_Description of the task_:
What is needed is an exact repetition of the lines below, from the first one through the one holding "879433.5)], close=True, dxfattribs=at)", with no pictures and nothing else.

#### Records shown

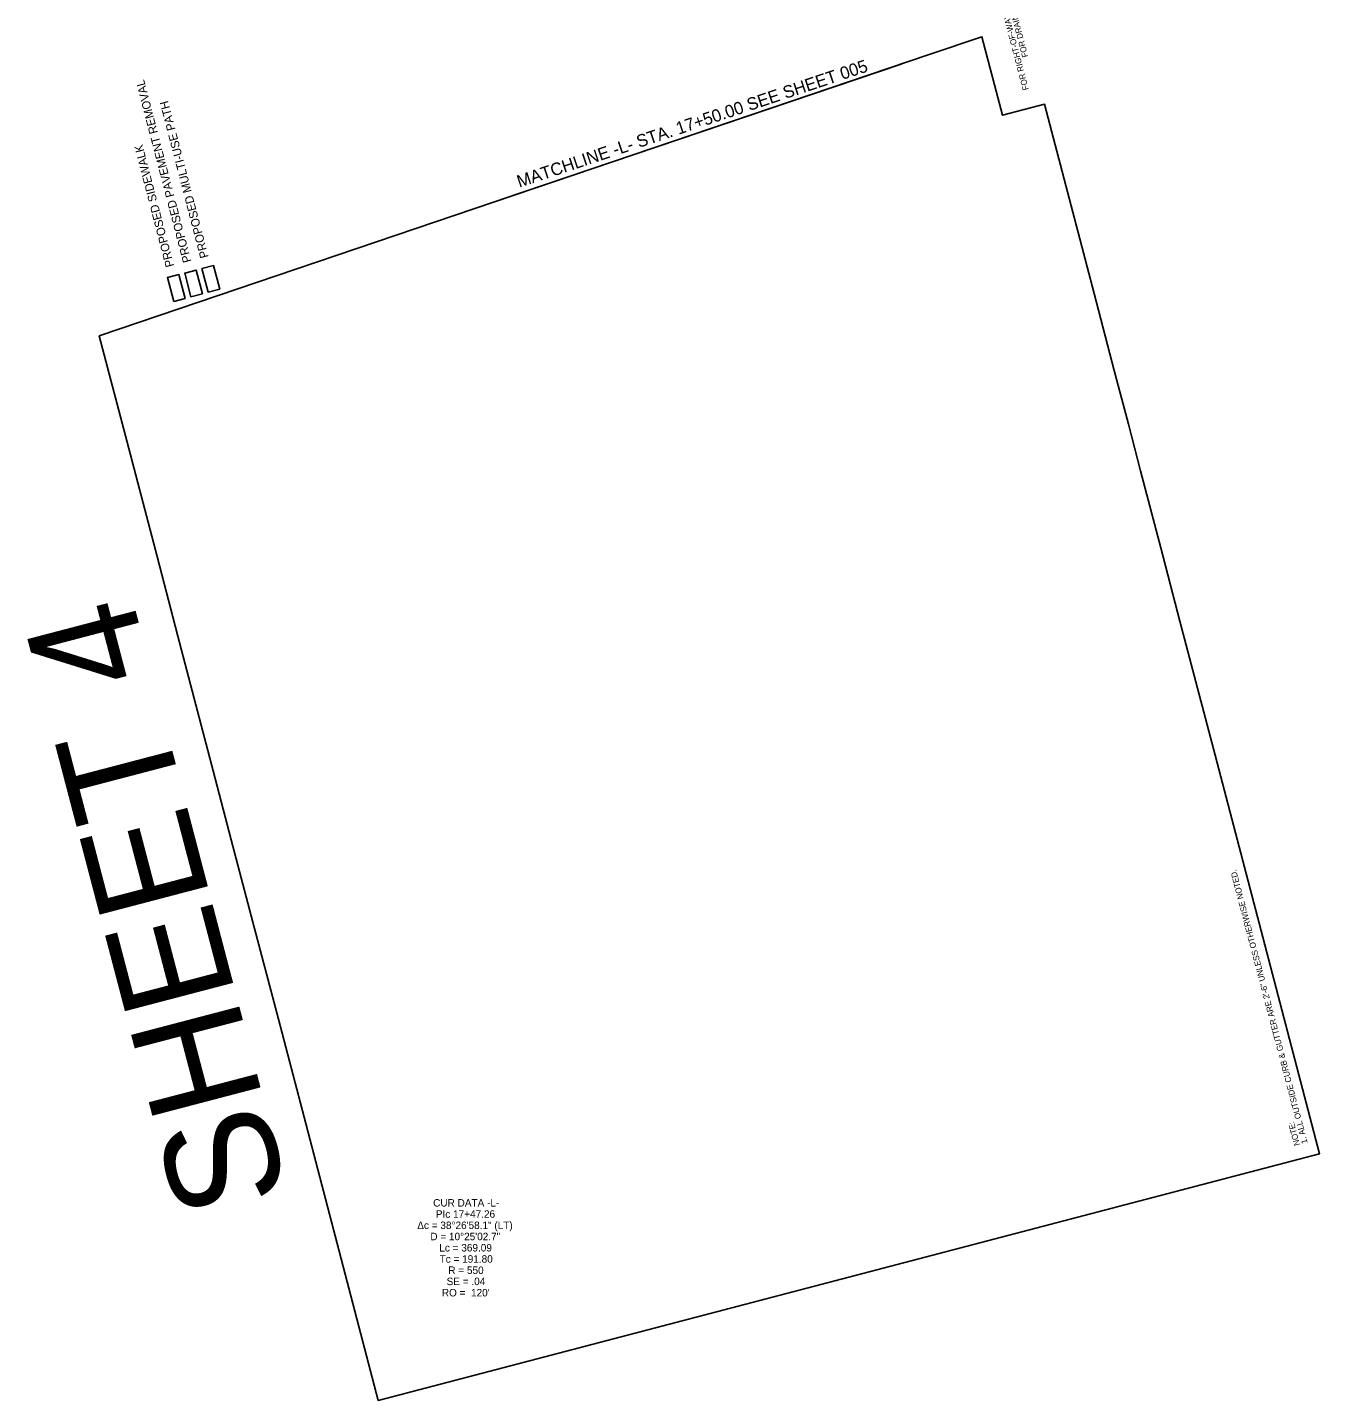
# Model space of a CAD drawing. Extents: x 1366798 to 1369150, y 878329 to 881399.
# Drawn here: x 1366798 to 1368093, y 878329 to 879705 of the extents above; entities that cross this region are included whole.
import ezdxf

# ---------------------------------------------------------------- set-up
doc = ezdxf.new("R2010")
doc.units = 0
for name, color, linetype in [('Matchline Text', 7, 'Continuous'), ('P_NCDOT_Horizontal_Alignment_Station_Label', 7, 'Continuous'), ('P_NCDOT_Horizontal_Alignment_Station_Major_Label', 7, 'Continuous'), ('P_NCDOT_Horizontal_Alignment_Tick_Large', 7, 'Continuous'), ('Prop Conc Curb and Gutter', 7, 'Continuous'), ('Prop Dimension', 7, 'Continuous'), ('Prop Horizontal Alignment Station Label', 7, 'Continuous'), ('Prop Lane Arrow CELL', 7, 'Continuous'), ('Prop Superelevation  Arrow CELL', 7, 'Continuous'), ('Prop Superelevation Label', 7, 'Continuous')]:
    doc.layers.add(name, color=color, linetype=linetype)

msp = doc.modelspace()

# ---------------------------------------------------------------- linework, layer by layer
at = {"layer": 'Matchline Text'}
msp.add_lwpolyline([(1366944.6, 879430.5), (1366938.4, 879454.3), (1366949.8, 879457.4), (1366956.1, 879433.5)], close=True, dxfattribs=at)
at = {"layer": 'P_NCDOT_Horizontal_Alignment_Station_Label'}
msp.add_line((1367272.7, 879532.4), (1367673.5, 879668.2), dxfattribs=at)
at = {"layer": 'P_NCDOT_Horizontal_Alignment_Station_Major_Label'}
msp.add_lwpolyline([(1366979.2, 879439.6), (1366972.9, 879463.4), (1366984.4, 879466.4), (1366990.7, 879442.6)], close=True, dxfattribs=at)
at = {"layer": 'Prop Dimension'}
msp.add_lwpolyline([(1367149.6, 878329.3), (1368092.9, 878576.5), (1368038.1, 878785.7), (1367988.2, 878975.7), (1367953, 879110.2), (1367933.7, 879183.7), (1367913.5, 879260.8), (1367901.3, 879307.5), (1367887.2, 879361.2), (1367867, 879438.3), (1367817.3, 879628), (1367775.2, 879617), (1367754.6, 879695.6), (1367701.6, 879677.7), (1366870, 879396.1), (1366899.6, 879283.2), (1366928, 879174.9), (1366948.9, 879095), (1366966.9, 879026.2), (1366984.3, 878960.1), (1367002.3, 878891.2), (1367024, 878808.6), (1367049.5, 878711.3), (1367075.2, 878613.1)], close=True, dxfattribs=at)
msp.add_lwpolyline([(1367149.6, 878329.3), (1368092.9, 878576.5), (1368038.1, 878785.7), (1367988.2, 878975.7), (1367953, 879110.2), (1367933.7, 879183.7), (1367913.5, 879260.8), (1367901.3, 879307.5), (1367887.2, 879361.2), (1367867, 879438.3), (1367817.3, 879628), (1367775.2, 879617), (1367754.6, 879695.6), (1367701.6, 879677.7), (1366870, 879396.1), (1366899.6, 879283.2), (1366928, 879174.9), (1366948.9, 879095), (1366966.9, 879026.2), (1366984.3, 878960.1), (1367002.3, 878891.2), (1367024, 878808.6), (1367049.5, 878711.3), (1367075.2, 878613.1)], close=True, dxfattribs=at)
at = {"layer": 'Prop Horizontal Alignment Station Label'}
msp.add_lwpolyline([(1366979.2, 879439.6), (1366972.9, 879463.4), (1366984.4, 879466.4), (1366990.7, 879442.6)], close=True, dxfattribs=at)
at = {"layer": 'Prop Lane Arrow CELL'}
msp.add_lwpolyline([(1366961.9, 879435.1), (1366955.7, 879458.9), (1366967.1, 879461.9), (1366973.4, 879438.1)], close=True, dxfattribs=at)

# ---------------------------------------------------------------- texts
at = {"layer": 'P_NCDOT_Horizontal_Alignment_Tick_Large'}
for s, p in [('CUR DATA -L-', (1367204.6, 878523.6)), ('PIc 17+47.26', (1367207.3, 878512.4)), ('Δc = 38°26\'58.1" (LT)', (1367188.7, 878501.1)), ('D = 10°25\'02.7"', (1367201.8, 878489.9)), ('Lc = 369.09', (1367210.8, 878478.6)), ('Tc = 191.80', (1367211.1, 878467.4)), ('R = 550', (1367219.8, 878456.1)), ('SE = .04', (1367218.1, 878444.9)), ("RO =  120'", (1367213.3, 878433.6))]:
    msp.add_text(s, height=7.5, dxfattribs=at).set_placement(p)
at = {"layer": 'Prop Conc Curb and Gutter'}
msp.add_text('MATCHLINE -L- STA. 17+50.00 SEE SHEET 005', height=12.5, rotation=18.4634, dxfattribs=at).set_placement((1367291, 879544.2))
at = {"layer": 'Prop Dimension'}
msp.add_text('SHEET 4', height=112.11, rotation=104.6851, dxfattribs=at).set_placement((1367060.1, 878534.4))
at = {"layer": 'Prop Superelevation  Arrow CELL'}
for s, p in [('FOR RIGHT-OF-WAY STATIONS AND OFFSETS, SEE SHEET 2B-1', (1367801.5, 879642.9)), ('FOR DRAINAGE DETAILS, SEE SHEETS 2D-1 THRU 2D-2', (1367801, 879675.8)), ('1. ALL OUTSIDE CURB & GUTTER ARE 2\'-6" UNLESS OTHERWISE NOTED.', (1368081, 878587.5)), ('NOTE:', (1368073.3, 878585.5))]:
    msp.add_text(s, height=6, rotation=104.6851, dxfattribs=at).set_placement(p)
at = {"layer": 'Prop Superelevation Label'}
for s, p in [('PROPOSED PAVEMENT REMOVAL', (1366962.4, 879470.5)), ('PROPOSED MULTI-USE PATH', (1366979.7, 879475)), ('PROPOSED SIDEWALK', (1366945.1, 879466))]:
    msp.add_text(s, height=8.5, rotation=104.5986, dxfattribs=at).set_placement(p)

doc.saveas('drawing.dxf')

########

_Written answer_:
# Model space of a CAD drawing. Extents: x 1366798 to 1369150, y 878329 to 881399.
# Drawn here: x 1366798 to 1368093, y 878329 to 879705 of the extents above; entities that cross this region are included whole.
import ezdxf

# ---------------------------------------------------------------- set-up
doc = ezdxf.new("R2010")
doc.units = 0
for name, color, linetype in [('Matchline Text', 7, 'Continuous'), ('P_NCDOT_Horizontal_Alignment_Station_Label', 7, 'Continuous'), ('P_NCDOT_Horizontal_Alignment_Station_Major_Label', 7, 'Continuous'), ('P_NCDOT_Horizontal_Alignment_Tick_Large', 7, 'Continuous'), ('Prop Conc Curb and Gutter', 7, 'Continuous'), ('Prop Dimension', 7, 'Continuous'), ('Prop Horizontal Alignment Station Label', 7, 'Continuous'), ('Prop Lane Arrow CELL', 7, 'Continuous'), ('Prop Superelevation  Arrow CELL', 7, 'Continuous'), ('Prop Superelevation Label', 7, 'Continuous')]:
    doc.layers.add(name, color=color, linetype=linetype)

msp = doc.modelspace()

# ---------------------------------------------------------------- linework, layer by layer
at = {"layer": 'Matchline Text'}
msp.add_lwpolyline([(1366944.6, 879430.5), (1366938.4, 879454.3), (1366949.8, 879457.4), (1366956.1, 879433.5)], close=True, dxfattribs=at)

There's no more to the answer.